What you need to do
Tally the lines of the listing below in which the string "radius" occurs, and give the tally alone.
<<<<
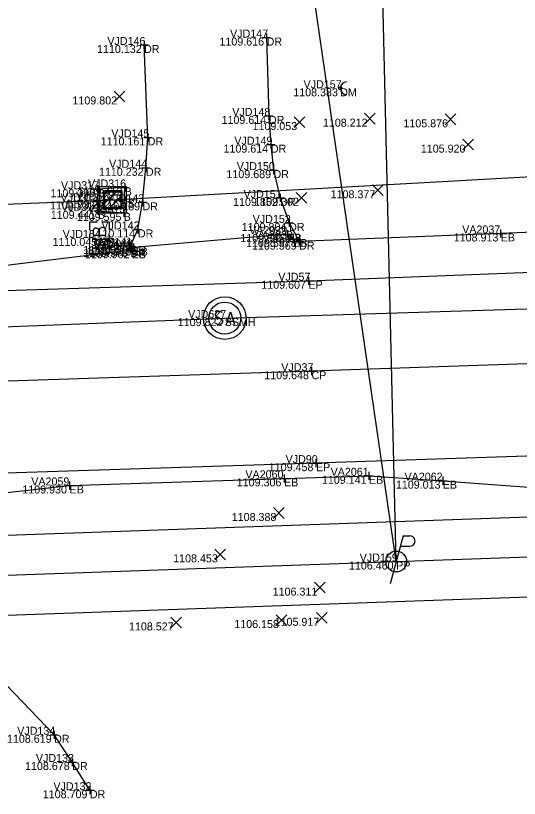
# Model space of a CAD drawing. Extents: x 1629915 to 1630675, y 484401 to 484601.
# Drawn here: x 1630022 to 1630085, y 484428.3 to 484526.1 of the extents above; entities that cross this region are included whole.
import ezdxf

# ---------------------------------------------------------------- set-up
doc = ezdxf.new("R2010")
doc.units = 0
for name, color, linetype in [('BR_X_Sub_Foot_Object', 7, 'Continuous'), ('DR_X_Cells', 7, 'Continuous'), ('DR_X_Storm_Sewer', 7, 'Continuous'), ('GK_Drainage_Nodes', 7, 'Continuous'), ('PV_X_COP', 7, 'Continuous'), ('PV_X_Driveway', 7, 'Continuous'), ('PV_X_EOP', 7, 'Continuous'), ('PV_X_Shoulder_Aggregate', 7, 'Continuous'), ('RD_X_Cells', 7, 'Continuous'), ('SV_X_Break_Lines', 7, 'Continuous'), ('SV_X_Random_Point', 7, 'Continuous'), ('SV_X_Shot_Marker', 7, 'Continuous'), ('SV_X_Text_Comment', 7, 'Continuous'), ('SV_X_Text_Elevation', 7, 'Continuous'), ('SV_X_Text_Name', 7, 'Continuous'), ('UT_X_Electric_Cells', 7, 'Continuous'), ('UT_X_Misc_Cells', 7, 'Continuous'), ('UT_X_Sanitary_Cells', 7, 'Continuous'), ('UT_X_Sanitary_Line', 7, 'Continuous')]:
    doc.layers.add(name, color=color, linetype=linetype)

msp = doc.modelspace()

# ---------------------------------------------------------------- linework, layer by layer
at = {"layer": 'BR_X_Sub_Foot_Object'}
for p, q in [((1630069.563, 484457.901), (1630057.616, 484540.101)), ((1630069.563, 484457.901), (1630067.613, 484539.935)), ((1629921.46, 484457.7), (1630334.806, 484472.223)), ((1629921.635, 484452.703), (1630334.981, 484467.226)), ((1629921.811, 484447.706), (1630335.157, 484462.229))]:
    msp.add_line(p, q, dxfattribs=at)
at = {"layer": 'DR_X_Cells'}
for p, q in [((1630032.993, 484502.475), (1630034.752, 484504.234)), ((1630032.993, 484503.607), (1630033.621, 484504.234)), ((1630033.592, 484501.943), (1630035.285, 484503.636)), ((1630034.723, 484501.943), (1630035.285, 484502.504))]:
    msp.add_line(p, q, dxfattribs=at)
for points in [[(1630032.472, 484504.755), (1630035.805, 484504.755), (1630035.805, 484501.422), (1630032.472, 484501.422)], [(1630032.993, 484504.234), (1630035.285, 484504.234), (1630035.285, 484501.943), (1630032.993, 484501.943)], [(1630033.139, 484504.088), (1630035.139, 484504.088), (1630035.139, 484502.088), (1630033.139, 484502.088)]]:
    msp.add_lwpolyline(points, close=True, dxfattribs=at)
at = {"layer": 'DR_X_Storm_Sewer'}
for p, q in [((1630034.139, 484503.088), (1630277.798, 484516.548)), ((1629929.219, 484498.911), (1630034.139, 484503.088))]:
    msp.add_line(p, q, dxfattribs=at)
at = {"layer": 'GK_Drainage_Nodes'}
for p, q in [((1630034.139, 484504.755), (1630034.139, 484504.755)), ((1630034.139, 484504.088), (1630034.139, 484504.088)), ((1630033.139, 484503.088), (1630033.139, 484503.088)), ((1630034.139, 484503.088), (1630034.139, 484503.088)), ((1630034.139, 484503.088), (1630034.139, 484503.088)), ((1630034.139, 484503.088), (1630034.139, 484503.088)), ((1630035.139, 484503.088), (1630035.139, 484503.088)), ((1630034.139, 484502.088), (1630034.139, 484502.088)), ((1630034.139, 484501.422), (1630034.139, 484501.422)), ((1630048.132, 484490.308), (1630048.132, 484490.308)), ((1630048.132, 484488.308), (1630048.132, 484488.308)), ((1630048.132, 484488.308), (1630048.132, 484488.308)), ((1630048.132, 484488.308), (1630048.132, 484488.308)), ((1630048.132, 484486.308), (1630048.132, 484486.308))]:
    msp.add_line(p, q, dxfattribs=at)
msp.add_circle((1630048.132, 484488.308), 2, dxfattribs=at)
at = {"layer": 'PV_X_COP'}
msp.add_lwpolyline([(1630268.327, 484489.246), (1630243.236, 484488.193), (1630219.614, 484487.396), (1630181.886, 484485.929), (1630141.907, 484484.591), (1630101.847, 484483.155), (1630058.972, 484481.674), (1630018.452, 484480.335), (1629978.036, 484478.791), (1629939.203, 484477.211)], dxfattribs=at)
at = {"layer": 'PV_X_Driveway'}
for points in [[(1630053.369, 484523.345), (1630053.65, 484513.559), (1630053.895, 484509.971), (1630054.225, 484506.785), (1630055.045, 484503.31), (1630056.173, 484500.192), (1630057.423, 484497.854)], [(1630036.34, 484496.941), (1630036.368, 484497.325), (1630037.277, 484499.378), (1630037.85, 484502.77), (1630038.279, 484507.079), (1630038.501, 484510.88), (1630038.044, 484522.417)], [(1630031.272, 484429.335), (1630029.073, 484432.859), (1630026.796, 484436.262), (1630014.842, 484448.677), (1630013.22, 484450.84), (1630012.363, 484454.308), (1630013.213, 484458.887), (1630014.53, 484461.746), (1630016.574, 484465.202)]]:
    msp.add_lwpolyline(points, dxfattribs=at)
at = {"layer": 'PV_X_EOP'}
for points in [[(1629938.787, 484488.624), (1629977.755, 484490.201), (1630018.109, 484491.66), (1630058.596, 484492.972), (1630101.458, 484494.639), (1630141.527, 484496.094), (1630181.4, 484497.615), (1630219.199, 484499.135), (1630242.799, 484500.003), (1630272.749, 484501.051)], [(1630263.784, 484477.407), (1630243.533, 484476.684), (1630220.003, 484475.815), (1630182.217, 484474.501), (1630142.357, 484473.071), (1630102.121, 484471.603), (1630059.531, 484470.186), (1630018.192, 484468.838), (1629978.308, 484467.435), (1629939.56, 484465.905)]]:
    msp.add_lwpolyline(points, dxfattribs=at)
at = {"layer": 'PV_X_Shoulder_Aggregate'}
for points in [[(1630275.858, 484507.82), (1630275.935, 484508.43), (1630251.773, 484507.981), (1630226.056, 484507.184), (1630204.993, 484506.289), (1630180.178, 484504.732), (1630155.752, 484502.786), (1630130.505, 484501.377), (1630107.341, 484499.869), (1630082.614, 484498.877), (1630057.423, 484497.854), (1630056.684, 484498.178), (1630055.974, 484498.791), (1630036.737, 484497.117), (1630036.516, 484496.78), (1630005.439, 484492.996), (1629981.146, 484491.329), (1629968.094, 484490.842), (1629967.166, 484490.748), (1629965.306, 484491.801), (1629947.85, 484491.524), (1629935.773, 484490.2), (1629921.037, 484489.433)], [(1629924.92, 484463.104), (1629930.051, 484463.83), (1629958.351, 484464.985), (1629985.484, 484465.939), (1629989.882, 484465.788), (1629994.282, 484464.53), (1629995.636, 484464.345), (1630011.361, 484464.736), (1630016.574, 484465.202), (1630018.985, 484466.333), (1630028.743, 484467.401), (1630055.537, 484468.29), (1630066.153, 484468.607), (1630075.383, 484468), (1630095.195, 484466.534), (1630119.644, 484467.176), (1630148.034, 484467.946), (1630167.26, 484468.813), (1630191.18, 484469.683), (1630216.422, 484470.188), (1630228.431, 484470.017), (1630254.625, 484470.782), (1630261.494, 484471.006)]]:
    msp.add_lwpolyline(points, dxfattribs=at)
at = {"layer": 'RD_X_Cells'}
for p, q in [((1630031.261, 484497.807), (1630031.261, 484498.808)), ((1630033.704, 484497.807), (1630033.704, 484498.808)), ((1630032.482, 484498.318), (1630032.482, 484498.318))]:
    msp.add_line(p, q, dxfattribs=at)
for points in [[(1630031.261, 484499.325), (1630031.261, 484500.318), (1630032.231, 484500.318)], [(1630032.734, 484500.318), (1630033.704, 484500.318), (1630033.704, 484499.325)], [(1630032.413, 484499.34), (1630032.35, 484499.403), (1630032.312, 484499.441), (1630032.275, 484499.466), (1630032.249, 484499.479), (1630032.199, 484499.504), (1630032.161, 484499.516), (1630032.073, 484499.542), (1630032.035, 484499.542), (1630031.985, 484499.542), (1630031.909, 484499.529), (1630031.846, 484499.504), (1630031.796, 484499.466), (1630031.745, 484499.403), (1630031.72, 484499.353), (1630031.708, 484499.327), (1630031.682, 484499.264), (1630031.682, 484498.647), (1630033.282, 484498.647), (1630033.282, 484499.34), (1630033.232, 484499.428), (1630033.169, 484499.504), (1630033.068, 484499.567), (1630032.955, 484499.605), (1630032.841, 484499.617), (1630032.766, 484499.617), (1630032.69, 484499.592), (1630032.577, 484499.542), (1630032.501, 484499.479), (1630032.413, 484499.34), (1630032.413, 484498.647)], [(1630033.282, 484497.022), (1630031.682, 484497.022), (1630033.282, 484497.601), (1630031.682, 484498.156), (1630033.282, 484498.156)], [(1630032.231, 484496.318), (1630031.261, 484496.318), (1630031.261, 484497.288)], [(1630033.704, 484497.288), (1630033.704, 484496.318), (1630032.734, 484496.318)]]:
    msp.add_lwpolyline(points, dxfattribs=at)
at = {"layer": 'SV_X_Break_Lines'}
msp.add_lwpolyline([(1630032.155, 484502.881), (1630032.273, 484501.704), (1630035.509, 484501.451), (1630035.629, 484504.618), (1630032.237, 484504.402)], dxfattribs=at)
at = {"layer": 'SV_X_Random_Point'}
for p, q in [((1630034.301, 484515.325), (1630035.635, 484516.66)), ((1630034.301, 484516.66), (1630035.635, 484515.325)), ((1630056.798, 484512.124), (1630058.131, 484513.459)), ((1630056.798, 484513.459), (1630058.131, 484512.124)), ((1630065.604, 484512.549), (1630066.937, 484513.884)), ((1630065.604, 484513.884), (1630066.937, 484512.549)), ((1630075.695, 484512.465), (1630077.029, 484513.8)), ((1630075.695, 484513.8), (1630077.029, 484512.465)), ((1630077.883, 484509.31), (1630079.216, 484510.645)), ((1630077.883, 484510.645), (1630079.216, 484509.31)), ((1630066.591, 484503.602), (1630067.925, 484504.937)), ((1630066.591, 484504.937), (1630067.925, 484503.602)), ((1630057.038, 484502.676), (1630058.372, 484504.011)), ((1630057.038, 484504.011), (1630058.372, 484502.676)), ((1630054.24, 484463.294), (1630055.573, 484464.629)), ((1630054.24, 484464.629), (1630055.573, 484463.294)), ((1630046.88, 484458.128), (1630048.213, 484459.463)), ((1630046.88, 484459.463), (1630048.213, 484458.128)), ((1630059.336, 484453.971), (1630060.669, 484455.306)), ((1630059.336, 484455.306), (1630060.669, 484453.971)), ((1630041.392, 484449.626), (1630042.725, 484450.961)), ((1630041.392, 484450.961), (1630042.725, 484449.626)), ((1630054.555, 484449.922), (1630055.888, 484451.257)), ((1630054.555, 484451.257), (1630055.888, 484449.922)), ((1630059.594, 484450.204), (1630060.927, 484451.539)), ((1630059.594, 484451.539), (1630060.927, 484450.204))]:
    msp.add_line(p, q, dxfattribs=at)
at = {"layer": 'SV_X_Shot_Marker'}
for p, q in [((1630052.869, 484523.345), (1630053.869, 484523.345)), ((1630053.369, 484523.845), (1630053.369, 484522.845)), ((1630053.369, 484523.345), (1630053.369, 484523.345)), ((1630037.544, 484522.417), (1630038.544, 484522.417)), ((1630038.044, 484522.917), (1630038.044, 484521.917)), ((1630038.044, 484522.417), (1630038.044, 484522.417)), ((1630053.15, 484513.559), (1630054.15, 484513.559)), ((1630053.65, 484514.059), (1630053.65, 484513.059)), ((1630053.65, 484513.559), (1630053.65, 484513.559)), ((1630038.001, 484510.88), (1630039.001, 484510.88)), ((1630038.501, 484511.38), (1630038.501, 484510.38)), ((1630038.501, 484510.88), (1630038.501, 484510.88)), ((1630053.895, 484510.471), (1630053.895, 484509.471)), ((1630053.395, 484509.971), (1630054.395, 484509.971)), ((1630053.895, 484509.971), (1630053.895, 484509.971)), ((1630038.279, 484507.579), (1630038.279, 484506.579)), ((1630037.779, 484507.079), (1630038.779, 484507.079)), ((1630038.279, 484507.079), (1630038.279, 484507.079)), ((1630053.725, 484506.785), (1630054.725, 484506.785)), ((1630054.225, 484507.285), (1630054.225, 484506.285)), ((1630054.225, 484506.785), (1630054.225, 484506.785)), ((1630032.237, 484504.902), (1630032.237, 484503.902)), ((1630035.129, 484504.618), (1630036.129, 484504.618)), ((1630035.629, 484505.118), (1630035.629, 484504.118)), ((1630035.629, 484504.618), (1630035.629, 484504.618)), ((1630031.737, 484504.402), (1630032.737, 484504.402)), ((1630032.237, 484504.402), (1630032.237, 484504.402)), ((1630055.045, 484503.81), (1630055.045, 484502.81)), ((1630031.655, 484502.881), (1630032.655, 484502.881)), ((1630032.155, 484503.381), (1630032.155, 484502.381)), ((1630032.155, 484502.881), (1630032.155, 484502.881)), ((1630037.35, 484502.77), (1630038.35, 484502.77)), ((1630037.85, 484503.27), (1630037.85, 484502.27)), ((1630037.85, 484502.77), (1630037.85, 484502.77)), ((1630054.545, 484503.31), (1630055.545, 484503.31)), ((1630055.045, 484503.31), (1630055.045, 484503.31)), ((1630031.773, 484501.704), (1630032.773, 484501.704)), ((1630032.273, 484502.204), (1630032.273, 484501.204)), ((1630032.273, 484501.704), (1630032.273, 484501.704)), ((1630035.509, 484501.951), (1630035.509, 484500.951)), ((1630035.009, 484501.451), (1630036.009, 484501.451)), ((1630035.509, 484501.451), (1630035.509, 484501.451)), ((1630056.173, 484500.692), (1630056.173, 484499.692)), ((1630037.277, 484499.878), (1630037.277, 484498.878)), ((1630055.673, 484500.192), (1630056.673, 484500.192)), ((1630056.173, 484500.192), (1630056.173, 484500.192)), ((1630036.777, 484499.378), (1630037.777, 484499.378)), ((1630037.277, 484499.378), (1630037.277, 484499.378)), ((1630055.474, 484498.791), (1630056.474, 484498.791)), ((1630055.974, 484499.291), (1630055.974, 484498.291)), ((1630055.974, 484498.791), (1630055.974, 484498.791)), ((1630082.114, 484498.877), (1630083.114, 484498.877)), ((1630082.614, 484499.377), (1630082.614, 484498.377)), ((1630082.614, 484498.877), (1630082.614, 484498.877)), ((1630036.368, 484497.825), (1630036.368, 484496.825)), ((1630056.184, 484498.178), (1630057.184, 484498.178)), ((1630056.684, 484498.678), (1630056.684, 484497.678)), ((1630056.684, 484498.178), (1630056.684, 484498.178)), ((1630056.923, 484497.854), (1630057.923, 484497.854)), ((1630057.423, 484498.354), (1630057.423, 484497.354)), ((1630057.423, 484497.854), (1630057.423, 484497.854)), ((1630035.84, 484496.941), (1630036.84, 484496.941)), ((1630035.868, 484497.325), (1630036.868, 484497.325)), ((1630036.016, 484496.78), (1630037.016, 484496.78)), ((1630036.237, 484497.117), (1630037.237, 484497.117)), ((1630036.34, 484497.441), (1630036.34, 484496.441)), ((1630036.34, 484496.941), (1630036.34, 484496.941)), ((1630036.368, 484497.325), (1630036.368, 484497.325)), ((1630036.516, 484497.28), (1630036.516, 484496.28)), ((1630036.516, 484496.78), (1630036.516, 484496.78)), ((1630036.737, 484497.617), (1630036.737, 484496.617)), ((1630036.737, 484497.117), (1630036.737, 484497.117)), ((1630058.096, 484492.972), (1630059.096, 484492.972)), ((1630058.596, 484493.472), (1630058.596, 484492.472)), ((1630058.596, 484492.972), (1630058.596, 484492.972)), ((1630058.972, 484482.174), (1630058.972, 484481.174)), ((1630058.472, 484481.674), (1630059.472, 484481.674)), ((1630058.972, 484481.674), (1630058.972, 484481.674)), ((1630059.531, 484470.686), (1630059.531, 484469.686)), ((1630059.031, 484470.186), (1630060.031, 484470.186)), ((1630059.531, 484470.186), (1630059.531, 484470.186)), ((1630055.537, 484468.79), (1630055.537, 484467.79)), ((1630065.653, 484468.607), (1630066.653, 484468.607)), ((1630066.153, 484469.107), (1630066.153, 484468.107)), ((1630066.153, 484468.607), (1630066.153, 484468.607)), ((1630075.383, 484468.5), (1630075.383, 484467.5)), ((1630028.243, 484467.401), (1630029.243, 484467.401)), ((1630028.743, 484467.901), (1630028.743, 484466.901)), ((1630028.743, 484467.401), (1630028.743, 484467.401)), ((1630055.037, 484468.29), (1630056.037, 484468.29)), ((1630055.537, 484468.29), (1630055.537, 484468.29)), ((1630074.883, 484468), (1630075.883, 484468)), ((1630075.383, 484468), (1630075.383, 484468)), ((1630026.296, 484436.262), (1630027.296, 484436.262)), ((1630026.796, 484436.762), (1630026.796, 484435.762)), ((1630026.796, 484436.262), (1630026.796, 484436.262)), ((1630029.073, 484433.359), (1630029.073, 484432.359)), ((1630028.573, 484432.859), (1630029.573, 484432.859)), ((1630029.073, 484432.859), (1630029.073, 484432.859)), ((1630030.772, 484429.335), (1630031.772, 484429.335)), ((1630031.272, 484429.835), (1630031.272, 484428.835)), ((1630031.272, 484429.335), (1630031.272, 484429.335))]:
    msp.add_line(p, q, dxfattribs=at)
at = {"layer": 'UT_X_Electric_Cells'}
for p, q in [((1630070.419, 484461.101), (1630068.813, 484455.101)), ((1630070.419, 484461.101), (1630071.269, 484461.101)), ((1630070.078, 484459.826), (1630071.269, 484459.826))]:
    msp.add_line(p, q, dxfattribs=at)
msp.add_circle((1630069.563, 484457.901), 1.3, dxfattribs=at)
msp.add_arc((1630071.282, 484460.463), 0.638, 268.8767, 91.1233, dxfattribs=at)
at = {"layer": 'UT_X_Misc_Cells'}
msp.add_circle((1630062.557, 484517.01), 0.2, dxfattribs=at)
msp.add_arc((1630063.357, 484517.01), 0.8, 90, 270, dxfattribs=at)
at = {"layer": 'UT_X_Sanitary_Cells'}
for points in [[(1630047.799, 484488.995), (1630047.774, 484489.02), (1630047.736, 484489.045), (1630047.623, 484489.083), (1630047.484, 484489.108), (1630047.383, 484489.108), (1630047.346, 484489.108), (1630047.182, 484489.07), (1630047.043, 484488.995), (1630046.955, 484488.894), (1630046.93, 484488.793), (1630046.93, 484488.718), (1630046.955, 484488.617), (1630047.056, 484488.529), (1630047.749, 484488.151), (1630047.812, 484488.1), (1630047.837, 484488.05), (1630047.862, 484487.974), (1630047.862, 484487.899), (1630047.85, 484487.823), (1630047.837, 484487.773), (1630047.812, 484487.71), (1630047.787, 484487.659), (1630047.761, 484487.622), (1630047.724, 484487.584), (1630047.686, 484487.559), (1630047.635, 484487.533), (1630047.598, 484487.521), (1630047.484, 484487.508), (1630047.308, 484487.508), (1630047.195, 484487.533), (1630047.031, 484487.622), (1630046.93, 484487.697)], [(1630048.341, 484487.508), (1630048.845, 484489.108), (1630049.336, 484487.508)], [(1630049.21, 484487.886), (1630048.467, 484487.886)]]:
    msp.add_lwpolyline(points, dxfattribs=at)
for radius in [2.667, 2]:
    msp.add_circle((1630048.132, 484488.308), radius, dxfattribs=at)
at = {"layer": 'UT_X_Sanitary_Line'}
msp.add_lwpolyline([(1629930.746, 484483.734), (1630048.132, 484488.308), (1630252.717, 484494.605), (1630261.76, 484567.793), (1630373.422, 484500.095), (1630654.857, 484509.349)], dxfattribs=at)

# ---------------------------------------------------------------- texts
at = {"layer": 'SV_X_Text_Comment'}
for s, p in [('DR', (1630053.369, 484522.345)), ('DR', (1630038.044, 484521.417)), ('DM', (1630062.557, 484516.01)), ('DR', (1630053.65, 484512.559)), ('DR', (1630038.501, 484509.88)), ('DR', (1630053.895, 484508.971)), ('DR', (1630038.279, 484506.079)), ('DR', (1630054.225, 484505.785)), ('B', (1630035.629, 484503.618)), ('B', (1630032.237, 484503.402)), ('B', (1630032.155, 484501.881)), ('CBS', (1630034.139, 484502.088)), ('DR', (1630037.85, 484501.77)), ('DR', (1630055.045, 484502.31)), ('B', (1630032.273, 484500.704)), ('B', (1630035.509, 484500.451)), ('DR', (1630056.173, 484499.192)), ('DR', (1630037.277, 484498.378)), ('EB', (1630055.974, 484497.791)), ('EB', (1630082.614, 484497.877)), ('MB', (1630032.482, 484497.318)), ('EB', (1630056.684, 484497.178)), ('DR', (1630057.423, 484496.854)), ('DR', (1630036.34, 484495.941)), ('DR', (1630036.368, 484496.325)), ('EB', (1630036.516, 484495.78)), ('EB', (1630036.737, 484496.117)), ('EP', (1630058.596, 484491.972)), ('SSMH', (1630048.132, 484487.308)), ('CP', (1630058.972, 484480.674)), ('EP', (1630059.531, 484469.186)), ('EB', (1630066.153, 484467.607)), ('EB', (1630028.743, 484466.401)), ('EB', (1630055.537, 484467.29)), ('EB', (1630075.383, 484467)), ('PP', (1630069.563, 484456.901)), ('DR', (1630026.796, 484435.262)), ('DR', (1630029.073, 484431.859)), ('DR', (1630031.272, 484428.335))]:
    msp.add_text(s, height=1, dxfattribs=at).set_placement(p)
at = {"layer": 'SV_X_Text_Elevation'}
for s, p in [('1109.616', (1630047.467, 484522.345)), ('1110.132', (1630032.172, 484521.417)), ('1108.383', (1630056.695, 484516.01)), ('1109.802', (1630029.097, 484514.992)), ('1109.614', (1630047.73, 484512.559)), ('1109.053', (1630051.603, 484511.792)), ('1108.212', (1630060.399, 484512.217)), ('1105.876', (1630070.46, 484512.133)), ('1110.161', (1630032.621, 484509.88)), ('1109.614', (1630047.975, 484508.971)), ('1105.920', (1630072.638, 484508.978)), ('1110.232', (1630032.407, 484506.079)), ('1109.689', (1630048.343, 484505.785)), ('1109.412', (1630029.758, 484503.618)), ('1109.399', (1630026.356, 484503.402)), ('1108.377', (1630061.364, 484503.27)), ('1109.232', (1630026.284, 484501.881)), ('1109.262', (1630028.267, 484502.088)), ('1110.189', (1630031.968, 484501.77)), ('1109.852', (1630049.174, 484502.31)), ('1109.302', (1630051.834, 484502.343)), ('1109.441', (1630026.394, 484500.704)), ('1109.595', (1630029.641, 484500.451)), ('1109.804', (1630050.252, 484499.192)), ('1110.114', (1630031.356, 484498.378)), ('1109.586', (1630050.072, 484497.791)), ('1108.913', (1630076.752, 484497.877)), ('1110.045', (1630026.614, 484497.318)), ('1109.597', (1630050.79, 484497.178)), ('1109.569', (1630051.541, 484496.854)), ('1109.976', (1630030.438, 484495.941)), ('1110.030', (1630030.457, 484496.325)), ('1109.962', (1630030.645, 484495.78)), ('1109.915', (1630030.868, 484496.117)), ('1109.607', (1630052.702, 484491.972)), ('1109.822', (1630042.26, 484487.308)), ('1109.648', (1630053.074, 484480.674)), ('1109.458', (1630053.633, 484469.186)), ('1109.141', (1630060.273, 484467.607)), ('1109.930', (1630022.831, 484466.401)), ('1109.306', (1630049.635, 484467.29)), ('1109.013', (1630069.521, 484467)), ('1108.388', (1630049.008, 484462.962)), ('1108.453', (1630041.685, 484457.796)), ('1106.460', (1630063.651, 484456.901)), ('1106.311', (1630054.123, 484453.639)), ('1105.917', (1630054.367, 484449.871)), ('1108.527', (1630036.165, 484449.294)), ('1106.158', (1630049.323, 484449.59)), ('1108.619', (1630020.915, 484435.262)), ('1108.678', (1630023.174, 484431.859)), ('1108.709', (1630025.39, 484428.335))]:
    msp.add_text(s, height=1, dxfattribs=at).set_placement(p)
at = {"layer": 'SV_X_Text_Name'}
for s, p in [('VJD147', (1630048.793, 484523.345)), ('VJD146', (1630033.46, 484522.417)), ('VJD157', (1630057.981, 484517.01)), ('VJD148', (1630049.07, 484513.559)), ('VJD145', (1630033.95, 484510.88)), ('VJD149', (1630049.332, 484509.971)), ('VJD144', (1630033.677, 484507.079)), ('VJD150', (1630049.632, 484506.785)), ('VJD316', (1630031.045, 484504.618)), ('VJD317', (1630027.662, 484504.402)), ('VJD313', (1630027.612, 484502.881)), ('VJD628', (1630029.559, 484503.088)), ('VJD143', (1630033.306, 484502.77)), ('VJD151', (1630050.484, 484503.31)), ('VJD314', (1630027.672, 484501.704)), ('VJD315', (1630030.959, 484501.451)), ('VJD152', (1630051.62, 484500.192)), ('VJD142', (1630032.723, 484499.378)), ('VA2039', (1630051.18, 484498.791)), ('VA2037', (1630077.807, 484498.877)), ('VJD154', (1630027.881, 484498.318)), ('VA2038', (1630051.873, 484498.178)), ('VJD153', (1630052.879, 484497.854)), ('VA2041', (1630031.724, 484496.78)), ('VJD140', (1630031.747, 484496.941)), ('VJD141', (1630031.807, 484497.325)), ('VA2040', (1630031.913, 484497.117)), ('VJD57', (1630054.819, 484492.972)), ('VJD627', (1630043.556, 484488.308)), ('VJD37', (1630055.195, 484481.674)), ('VJD90', (1630055.736, 484470.186)), ('VA2061', (1630061.361, 484468.607)), ('VA2059', (1630023.949, 484467.401)), ('VA2060', (1630050.713, 484468.29)), ('VA2062', (1630070.599, 484468)), ('VJD159', (1630064.999, 484457.901)), ('VJD134', (1630022.194, 484436.262)), ('VJD133', (1630024.529, 484432.859)), ('VJD132', (1630026.719, 484429.335))]:
    msp.add_text(s, height=1, dxfattribs=at).set_placement(p)

doc.saveas('drawing.dxf')
>>>>
Solution for this problem
2